Hierarchical Multi-task Learning for Organization Evaluation of Argumentative Student Essays

Authors: Wei Song, Ziyao Song, Lizhen Liu, Ruiji Fu

IJCAI 2020 | Conference PDF | Archive PDF | Plain Text | LLM Run Details

Reproducibility Variable Result LLM Response
Research Type Experimental Experimental results show that the multi-task learning based organization evaluation can achieve significant improvements compared with existing work and pipeline baselines.
Researcher Affiliation Collaboration 1College of Information Engineering and Academy for Multidisciplinary Studies, Capital Normal University, Beijing, China 2State Key Laboratory of Cognitive Intelligence, i FLYTEK Research, China 3i FLYTEK AI Research (Hebei), Langfang, China
Pseudocode No The paper describes the model architecture and mathematical equations but does not include a dedicated pseudocode or algorithm block.
Open Source Code No The paper does not provide any statement or link regarding the availability of open-source code for the described methodology.
Open Datasets No The paper states, "We built a dataset of more than 1,200 argumentative student essays with sentence functions, paragraph functions and organization grades annotated," but does not provide concrete access information (e.g., URL, DOI, specific citation for public access) for this newly built dataset.
Dataset Splits Yes We split our dataset into five folds, which have similar distributions over organization grades. Cross-validation was conducted and the average performance would be reported.
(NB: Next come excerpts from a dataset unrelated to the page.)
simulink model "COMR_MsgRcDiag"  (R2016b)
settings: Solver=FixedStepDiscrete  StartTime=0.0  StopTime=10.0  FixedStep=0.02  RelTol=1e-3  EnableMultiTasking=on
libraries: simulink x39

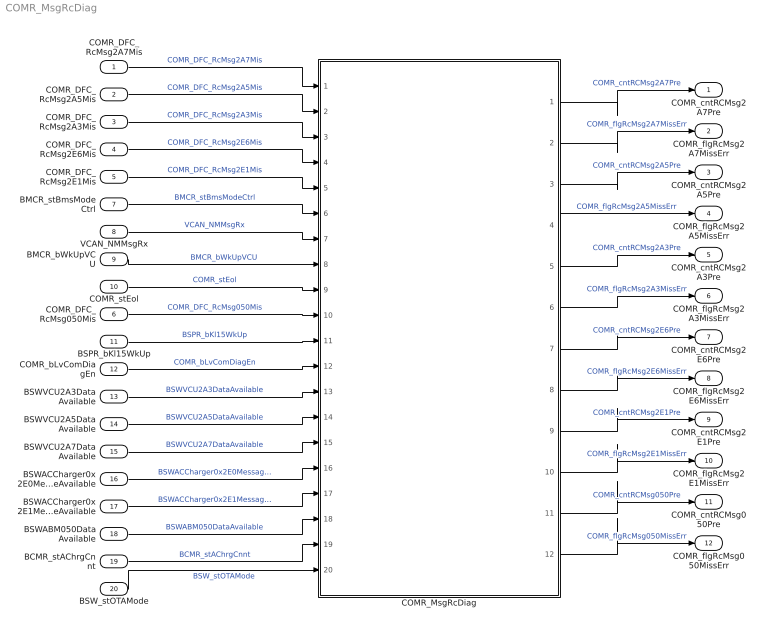
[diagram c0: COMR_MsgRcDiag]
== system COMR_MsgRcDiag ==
  COMR_DFC_RcMsg2A7Mis : Inport
  COMR_DFC_RcMsg2A5Mis : Inport  Port=2
  COMR_DFC_RcMsg2A3Mis : Inport  Port=3
  COMR_DFC_RcMsg2E6Mis : Inport  Port=4
  COMR_DFC_RcMsg2E1Mis : Inport  Port=5
  COMR_DFC_RcMsg050Mis : Inport  Port=6
  BMCR_stBmsModeCtrl : Inport  Port=7  OutDataTypeStr=uint8
  VCAN_NMMsgRx : Inport  Port=8  OutDataTypeStr=boolean
  BMCR_bWkUpVCU : Inport  Port=9  OutDataTypeStr=boolean
  COMR_stEol : Inport  Port=10  OutDataTypeStr=boolean
  BSPR_bKl15WkUp : Inport  Port=11
  COMR_bLvComDiagEn : Inport  Port=12  OutDataTypeStr=boolean
  BSWVCU2A3DataAvailable : Inport  Port=13  OutDataTypeStr=boolean
  BSWVCU2A5DataAvailable : Inport  Port=14  OutDataTypeStr=boolean
  BSWVCU2A7DataAvailable : Inport  Port=15  OutDataTypeStr=boolean
  BSWACCharger0x2E0MessageAvailable : Inport  Port=16
  BSWACCharger0x2E1MessageAvailable : Inport  Port=17  OutDataTypeStr=boolean
  BSWABM050DataAvailable : Inport  Port=18  OutDataTypeStr=boolean
  BCMR_stAChrgCnnt : Inport  Port=19
  BSW_stOTAMode : Inport  Port=20  OutDataTypeStr=boolean
  COMR_MsgRcDiag : Subsystem
  COMR_cntRCMsg2A7Pre : Outport
  COMR_flgRcMsg2A7MissErr : Outport  Port=2
  COMR_cntRCMsg2A5Pre : Outport  Port=3
  COMR_flgRcMsg2A5MissErr : Outport  Port=4
  COMR_cntRCMsg2A3Pre : Outport  Port=5
  COMR_flgRcMsg2A3MissErr : Outport  Port=6
  COMR_cntRCMsg2E6Pre : Outport  Port=7
  COMR_flgRcMsg2E6MissErr : Outport  Port=8
  COMR_cntRCMsg2E1Pre : Outport  Port=9
  COMR_flgRcMsg2E1MissErr : Outport  Port=10
  COMR_cntRCMsg050Pre : Outport  Port=11
  COMR_flgRcMsg050MissErr : Outport  Port=12
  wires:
  COMR_DFC_RcMsg2A7Mis/1 -> COMR_MsgRcDiag/1("COMR_DFC_RcMsg2A7Mis ")  "COMR_DFC_RcMsg2A7Mis"
  COMR_DFC_RcMsg2A5Mis/1 -> COMR_MsgRcDiag/2(COMR_DFC_RcMsg2A5Mis)  "COMR_DFC_RcMsg2A5Mis"
  COMR_DFC_RcMsg2A3Mis/1 -> COMR_MsgRcDiag/3(COMR_DFC_RcMsg2A3Mis)  "COMR_DFC_RcMsg2A3Mis"
  COMR_DFC_RcMsg2E6Mis/1 -> COMR_MsgRcDiag/4(COMR_DFC_RcMsg2E6Mis)  "COMR_DFC_RcMsg2E6Mis"
  COMR_DFC_RcMsg2E1Mis/1 -> COMR_MsgRcDiag/5(COMR_DFC_RcMsg2E1Mis)  "COMR_DFC_RcMsg2E1Mis"
  COMR_DFC_RcMsg050Mis/1 -> COMR_MsgRcDiag/10(COMR_DFC_RcMsg050Mis)  "COMR_DFC_RcMsg050Mis"
  COMR_MsgRcDiag/1(COMR_cntRCMsg2A7Pre) -> COMR_cntRCMsg2A7Pre/1  "COMR_cntRCMsg2A7Pre"
  COMR_MsgRcDiag/2(COMR_flgRcMsg2A7MissErr) -> COMR_flgRcMsg2A7MissErr/1  "COMR_flgRcMsg2A7MissErr"
  COMR_MsgRcDiag/3(COMR_cntRCMsg2A5Pre) -> COMR_cntRCMsg2A5Pre/1  "COMR_cntRCMsg2A5Pre"
  COMR_MsgRcDiag/4(COMR_flgRcMsg2A5MissErr) -> COMR_flgRcMsg2A5MissErr/1  "COMR_flgRcMsg2A5MissErr"
  COMR_MsgRcDiag/5(COMR_cntRCMsg2A3Pre) -> COMR_cntRCMsg2A3Pre/1  "COMR_cntRCMsg2A3Pre"
  COMR_MsgRcDiag/6(COMR_flgRcMsg2A3MissErr) -> COMR_flgRcMsg2A3MissErr/1  "COMR_flgRcMsg2A3MissErr"
  COMR_MsgRcDiag/7(COMR_cntRCMsg2E6Pre) -> COMR_cntRCMsg2E6Pre/1  "COMR_cntRCMsg2E6Pre"
  COMR_MsgRcDiag/8(COMR_flgRcMsg2E6MissErr) -> COMR_flgRcMsg2E6MissErr/1  "COMR_flgRcMsg2E6MissErr"
  COMR_MsgRcDiag/9(COMR_cntRCMsg2E1Pre) -> COMR_cntRCMsg2E1Pre/1  "COMR_cntRCMsg2E1Pre"
  COMR_MsgRcDiag/10(COMR_flgRcMsg2E1MissErr) -> COMR_flgRcMsg2E1MissErr/1  "COMR_flgRcMsg2E1MissErr"
  COMR_MsgRcDiag/12(COMR_flgRcMsg050MissErr) -> COMR_flgRcMsg050MissErr/1  "COMR_flgRcMsg050MissErr"
  BMCR_stBmsModeCtrl/1 -> COMR_MsgRcDiag/6(BMCR_stBmsModeCtrl)  "BMCR_stBmsModeCtrl"
  COMR_MsgRcDiag/11(COMR_cntRCMsg050Pre) -> COMR_cntRCMsg050Pre/1  "COMR_cntRCMsg050Pre"
  VCAN_NMMsgRx/1 -> COMR_MsgRcDiag/7(VCAN_NMMsgRx)  "VCAN_NMMsgRx"
  BMCR_bWkUpVCU/1 -> COMR_MsgRcDiag/8(BMCR_bWkUpVCU)  "BMCR_bWkUpVCU"
  COMR_stEol/1 -> COMR_MsgRcDiag/9(COMR_stEol)  "COMR_stEol"
  BSPR_bKl15WkUp/1 -> COMR_MsgRcDiag/11(BSPR_bKl15WkUp)  "BSPR_bKl15WkUp"
  COMR_bLvComDiagEn/1 -> COMR_MsgRcDiag/12(COMR_bLvComDiagEn)  "COMR_bLvComDiagEn"
  BSWVCU2A3DataAvailable/1 -> COMR_MsgRcDiag/13(BSWVCU2A3DataAvailable)  "BSWVCU2A3DataAvailable"
  BSWVCU2A5DataAvailable/1 -> COMR_MsgRcDiag/14(BSWVCU2A5DataAvailable)  "BSWVCU2A5DataAvailable"
  BSWVCU2A7DataAvailable/1 -> COMR_MsgRcDiag/15(BSWVCU2A7DataAvailable)  "BSWVCU2A7DataAvailable"
  BSWACCharger0x2E0MessageAvailable/1 -> COMR_MsgRcDiag/16(BSWACCharger0x2E0MessageAvailable)  "BSWACCharger0x2E0MessageAvailable"
  BSWACCharger0x2E1MessageAvailable/1 -> COMR_MsgRcDiag/17(BSWACCharger0x2E1MessageAvailable)  "BSWACCharger0x2E1MessageAvailable"
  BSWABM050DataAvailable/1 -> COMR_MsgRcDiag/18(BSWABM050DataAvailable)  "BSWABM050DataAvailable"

During training, we randomly selected 10% of the training data as the validation set to find the optimal hyper-parameters.
Hardware Specification No The paper does not provide any specific details about the hardware (e.g., CPU, GPU models) used to run the experiments.
Software Dependencies No The paper mentions general components like "RNN encoder", "LSTM", and "stochastic gradient descent (SGD)" and refers to "Tencent pre-trained word embeddings" and the "transformer model", but it does not specify software dependencies with version numbers (e.g., Python, TensorFlow, PyTorch versions).
Experiment Setup Yes The maximum number of words in a sentence is set to 40. The maximum numbers of sentences, paragraphs and sentences in any paragraph (i.e., n, m and np) are set to 50, 20 and 20 empirically. ... The dimension of all Bi LSTM hidden layers is set to 256. We use the Tencent pre-trained word embeddings for initiation and the dimension is 200 [Song et al., 2018]. The optimizer is stochastic gradient descent (SGD). The two 2d CNN blocks that receives the organization grid have 64 and 32 filters respectively. The kernel size is 5 5.